# Just had to try it. Wow, what a difference!



## tonyvdb (Sep 5, 2007)

After setting up my SVS PB13 Ultra in the theater room back in May of this year. I moved my A/D/S ms3u sub to my living room system. I had never given it much thought as to how large my theater space was (4440 sq ft) and how hard the Ultra would be working to fill the space. 
I decided to bring the ms3u back down and give it a try stacked on top of my Ultra, After several hrs of fiddling with the settings on my subs including the phase I was shocked at how much of a difference it made. :hsd:

We watched the new Prince Caspian movie on Blu and was literally blown away with the added depth our system had. My wife even commented as to how much more deep bass there was and she had no idea I had moved the sub back down.

The A/D/S is no slouch either but still much smaller than the ultra. The A/D/S is only a 10" long excursion with a very unique enclosure with a ported bandpass design. The frequency response is 19-100Hz with a liberally rated 150watts of power was always a great sub and worked really well in our old townhouse before we moved to the house we are now in.

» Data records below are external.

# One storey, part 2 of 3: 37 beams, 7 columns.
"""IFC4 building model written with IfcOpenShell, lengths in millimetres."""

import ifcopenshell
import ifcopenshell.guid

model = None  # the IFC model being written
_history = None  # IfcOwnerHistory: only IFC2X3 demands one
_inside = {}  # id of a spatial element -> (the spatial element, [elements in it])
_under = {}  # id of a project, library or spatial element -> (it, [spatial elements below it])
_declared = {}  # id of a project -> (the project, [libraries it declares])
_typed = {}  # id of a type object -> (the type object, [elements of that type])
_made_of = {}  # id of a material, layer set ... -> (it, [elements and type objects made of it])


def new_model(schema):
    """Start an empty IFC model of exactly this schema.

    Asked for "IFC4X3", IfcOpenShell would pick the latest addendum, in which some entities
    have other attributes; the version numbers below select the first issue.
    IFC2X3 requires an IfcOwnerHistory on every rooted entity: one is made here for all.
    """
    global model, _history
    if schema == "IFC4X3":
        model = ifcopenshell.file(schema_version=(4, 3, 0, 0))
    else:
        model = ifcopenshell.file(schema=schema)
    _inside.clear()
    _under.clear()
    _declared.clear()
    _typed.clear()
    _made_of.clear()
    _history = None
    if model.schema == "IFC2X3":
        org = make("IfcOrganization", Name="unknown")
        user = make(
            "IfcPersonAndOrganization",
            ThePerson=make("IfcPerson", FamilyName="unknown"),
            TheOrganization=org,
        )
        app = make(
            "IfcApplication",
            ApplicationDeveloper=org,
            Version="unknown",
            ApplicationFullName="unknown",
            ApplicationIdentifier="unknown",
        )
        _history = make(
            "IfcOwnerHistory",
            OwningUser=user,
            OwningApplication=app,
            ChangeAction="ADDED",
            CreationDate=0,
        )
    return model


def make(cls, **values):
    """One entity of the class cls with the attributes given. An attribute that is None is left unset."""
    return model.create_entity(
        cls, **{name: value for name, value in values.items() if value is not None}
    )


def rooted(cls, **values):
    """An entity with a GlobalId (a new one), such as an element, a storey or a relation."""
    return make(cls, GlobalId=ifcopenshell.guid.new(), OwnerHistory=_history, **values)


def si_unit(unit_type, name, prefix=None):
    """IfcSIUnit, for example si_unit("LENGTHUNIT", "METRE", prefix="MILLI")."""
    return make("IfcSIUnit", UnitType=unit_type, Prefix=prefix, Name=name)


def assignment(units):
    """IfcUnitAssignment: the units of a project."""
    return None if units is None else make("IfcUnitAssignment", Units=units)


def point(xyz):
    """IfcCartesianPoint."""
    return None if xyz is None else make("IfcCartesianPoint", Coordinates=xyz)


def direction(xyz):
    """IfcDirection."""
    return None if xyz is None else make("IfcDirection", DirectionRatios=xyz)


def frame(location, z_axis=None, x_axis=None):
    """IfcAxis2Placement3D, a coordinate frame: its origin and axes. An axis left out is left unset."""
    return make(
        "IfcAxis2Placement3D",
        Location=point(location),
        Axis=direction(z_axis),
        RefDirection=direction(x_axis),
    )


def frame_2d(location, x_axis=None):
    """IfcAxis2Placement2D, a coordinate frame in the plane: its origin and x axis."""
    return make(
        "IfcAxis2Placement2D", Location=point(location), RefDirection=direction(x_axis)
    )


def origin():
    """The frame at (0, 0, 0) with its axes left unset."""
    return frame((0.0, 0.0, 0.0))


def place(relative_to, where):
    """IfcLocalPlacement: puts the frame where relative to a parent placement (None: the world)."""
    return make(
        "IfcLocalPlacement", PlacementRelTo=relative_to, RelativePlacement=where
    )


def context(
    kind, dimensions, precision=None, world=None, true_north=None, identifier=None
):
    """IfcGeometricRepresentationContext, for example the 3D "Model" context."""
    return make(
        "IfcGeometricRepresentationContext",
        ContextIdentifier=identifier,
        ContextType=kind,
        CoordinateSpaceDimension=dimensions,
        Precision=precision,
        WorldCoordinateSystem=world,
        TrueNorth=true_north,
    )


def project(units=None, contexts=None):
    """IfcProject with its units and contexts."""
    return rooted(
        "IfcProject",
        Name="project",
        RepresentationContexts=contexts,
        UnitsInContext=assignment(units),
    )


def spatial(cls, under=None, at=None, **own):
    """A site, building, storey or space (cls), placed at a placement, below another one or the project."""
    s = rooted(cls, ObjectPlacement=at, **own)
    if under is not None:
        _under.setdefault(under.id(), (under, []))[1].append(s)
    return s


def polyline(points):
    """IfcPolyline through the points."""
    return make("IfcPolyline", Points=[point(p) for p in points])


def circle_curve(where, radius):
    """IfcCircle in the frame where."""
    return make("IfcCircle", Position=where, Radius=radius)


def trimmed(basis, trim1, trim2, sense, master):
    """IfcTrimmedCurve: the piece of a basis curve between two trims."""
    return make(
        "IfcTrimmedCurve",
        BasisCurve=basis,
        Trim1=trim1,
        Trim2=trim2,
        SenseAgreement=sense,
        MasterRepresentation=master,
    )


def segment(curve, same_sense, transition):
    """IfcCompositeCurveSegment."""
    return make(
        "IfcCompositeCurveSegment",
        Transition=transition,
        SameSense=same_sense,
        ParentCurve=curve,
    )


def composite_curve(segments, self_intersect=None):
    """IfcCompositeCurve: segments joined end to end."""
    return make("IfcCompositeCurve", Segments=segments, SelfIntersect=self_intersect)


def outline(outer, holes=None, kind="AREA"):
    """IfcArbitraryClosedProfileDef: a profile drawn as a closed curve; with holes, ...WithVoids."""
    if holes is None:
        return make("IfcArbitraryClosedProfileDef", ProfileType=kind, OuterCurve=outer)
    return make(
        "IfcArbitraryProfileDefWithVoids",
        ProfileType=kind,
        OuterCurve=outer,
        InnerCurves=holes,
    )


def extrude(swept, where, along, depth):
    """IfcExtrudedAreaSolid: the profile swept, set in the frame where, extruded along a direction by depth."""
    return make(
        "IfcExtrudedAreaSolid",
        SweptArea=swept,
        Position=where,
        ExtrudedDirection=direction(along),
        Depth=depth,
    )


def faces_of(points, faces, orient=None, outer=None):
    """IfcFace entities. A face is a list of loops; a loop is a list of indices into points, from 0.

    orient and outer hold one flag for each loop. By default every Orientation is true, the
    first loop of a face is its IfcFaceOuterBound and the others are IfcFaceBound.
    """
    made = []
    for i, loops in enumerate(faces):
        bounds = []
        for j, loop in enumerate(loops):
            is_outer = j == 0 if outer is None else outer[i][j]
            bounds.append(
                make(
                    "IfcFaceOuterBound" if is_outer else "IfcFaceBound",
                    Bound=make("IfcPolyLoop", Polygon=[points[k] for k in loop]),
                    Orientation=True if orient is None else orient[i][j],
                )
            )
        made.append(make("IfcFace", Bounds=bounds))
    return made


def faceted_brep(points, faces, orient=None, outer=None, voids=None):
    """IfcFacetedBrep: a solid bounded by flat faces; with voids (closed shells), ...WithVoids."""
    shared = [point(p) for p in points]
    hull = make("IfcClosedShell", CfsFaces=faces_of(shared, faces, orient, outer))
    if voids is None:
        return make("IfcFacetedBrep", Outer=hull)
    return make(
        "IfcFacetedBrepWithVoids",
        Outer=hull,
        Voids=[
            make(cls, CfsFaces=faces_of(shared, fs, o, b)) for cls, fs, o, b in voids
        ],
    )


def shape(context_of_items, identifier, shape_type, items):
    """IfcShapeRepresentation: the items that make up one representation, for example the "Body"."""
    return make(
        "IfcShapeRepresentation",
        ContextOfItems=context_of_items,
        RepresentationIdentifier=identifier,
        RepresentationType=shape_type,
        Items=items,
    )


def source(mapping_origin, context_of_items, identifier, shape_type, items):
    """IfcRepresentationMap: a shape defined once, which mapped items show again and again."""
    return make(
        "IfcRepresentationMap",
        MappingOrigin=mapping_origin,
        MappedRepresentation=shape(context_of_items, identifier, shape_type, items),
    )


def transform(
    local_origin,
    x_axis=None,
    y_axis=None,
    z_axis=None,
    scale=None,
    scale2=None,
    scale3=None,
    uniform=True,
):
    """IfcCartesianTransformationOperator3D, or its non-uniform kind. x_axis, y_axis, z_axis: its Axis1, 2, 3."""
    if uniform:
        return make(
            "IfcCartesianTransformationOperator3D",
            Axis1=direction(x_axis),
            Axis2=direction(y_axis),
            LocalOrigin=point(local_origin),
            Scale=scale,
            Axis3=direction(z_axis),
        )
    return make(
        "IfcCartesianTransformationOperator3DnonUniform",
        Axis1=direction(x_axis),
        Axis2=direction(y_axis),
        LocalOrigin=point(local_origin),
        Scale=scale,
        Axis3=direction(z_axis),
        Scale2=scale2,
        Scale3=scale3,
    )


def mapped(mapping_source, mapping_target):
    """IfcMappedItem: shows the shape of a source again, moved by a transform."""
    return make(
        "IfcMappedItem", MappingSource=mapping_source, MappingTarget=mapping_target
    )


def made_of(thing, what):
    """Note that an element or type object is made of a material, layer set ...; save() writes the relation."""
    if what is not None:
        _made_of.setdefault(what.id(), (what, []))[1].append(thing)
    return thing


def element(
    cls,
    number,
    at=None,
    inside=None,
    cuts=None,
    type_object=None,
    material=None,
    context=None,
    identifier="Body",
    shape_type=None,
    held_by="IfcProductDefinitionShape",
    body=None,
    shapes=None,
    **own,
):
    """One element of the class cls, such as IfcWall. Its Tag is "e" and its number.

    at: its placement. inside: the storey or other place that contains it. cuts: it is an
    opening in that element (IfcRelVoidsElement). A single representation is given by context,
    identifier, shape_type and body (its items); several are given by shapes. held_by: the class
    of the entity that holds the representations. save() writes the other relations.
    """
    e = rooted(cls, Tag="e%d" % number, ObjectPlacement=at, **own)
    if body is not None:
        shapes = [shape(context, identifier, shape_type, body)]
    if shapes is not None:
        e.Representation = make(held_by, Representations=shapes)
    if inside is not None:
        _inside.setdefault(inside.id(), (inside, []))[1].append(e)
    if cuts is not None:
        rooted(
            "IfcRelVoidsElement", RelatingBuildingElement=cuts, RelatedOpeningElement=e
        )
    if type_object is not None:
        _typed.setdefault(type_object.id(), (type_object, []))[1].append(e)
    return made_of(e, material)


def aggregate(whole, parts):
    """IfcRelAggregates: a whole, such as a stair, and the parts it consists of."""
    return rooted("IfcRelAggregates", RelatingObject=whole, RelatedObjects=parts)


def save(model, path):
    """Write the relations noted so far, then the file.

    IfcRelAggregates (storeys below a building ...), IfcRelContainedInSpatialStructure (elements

I think I will leave it this way and just use the old Yamaha YST FSW100 that I had laying around to do duty in the living room system.


----------



## thewire (Jun 28, 2007)

Did you try DTS also? Now that I have a pre/pro I can send fullrange duty to it and apply a crossover to output the subwoofer out of that, then I could use the LFE output of my DVD player to power some other subs possibly or use some I have. You are saying it works because they are co-located and in phase? What is it about the phase that needed adjusting was it the mains or the subs? Did you adjust the phase because of the response not matching and was there some comprimise to the midbass?


----------



## Mike P. (Apr 6, 2007)

Sounds like you need another SVS PB13 Ultra. Just think, Tony, a matching pair! :bigsmile:


----------



## tonyvdb (Sep 5, 2007)

I was finding that if I left both subs phase set to "0" there was noticeable cancellation of the lower octaves (20-30Hz) at the listening position. I left the ultra at "0" and slowly turned the phase on the ADS while sending a test tone and a sweep tone. I found the best response was when I had the phase set all the way to "180".
I really need to get some time and try out REW I just dont have enough time in a day to do so and its rarely quiet enough in the house with our 5 daughters.


----------



## tonyvdb (Sep 5, 2007)

Mike P. said:


> Sounds like you need another SVS PB13 Ultra. Just think, Tony, a matching pair! :bigsmile:


I Wish! My wife has already stated very clearly "not a chance" and Im actually fine with that.


----------



## thewire (Jun 28, 2007)

I was :explode: when I accedently wired one of my subs 180. It was right after installing some traps on my door so I thought I may have really messed up the room. I decided to do a nearfield of each sub, then I noticed one measured way different, and I had the wires in reverse. Might try to do a nearfield of them see what that is like, then measure them each nearfield with both on at the same time to see what it is happening.:T


----------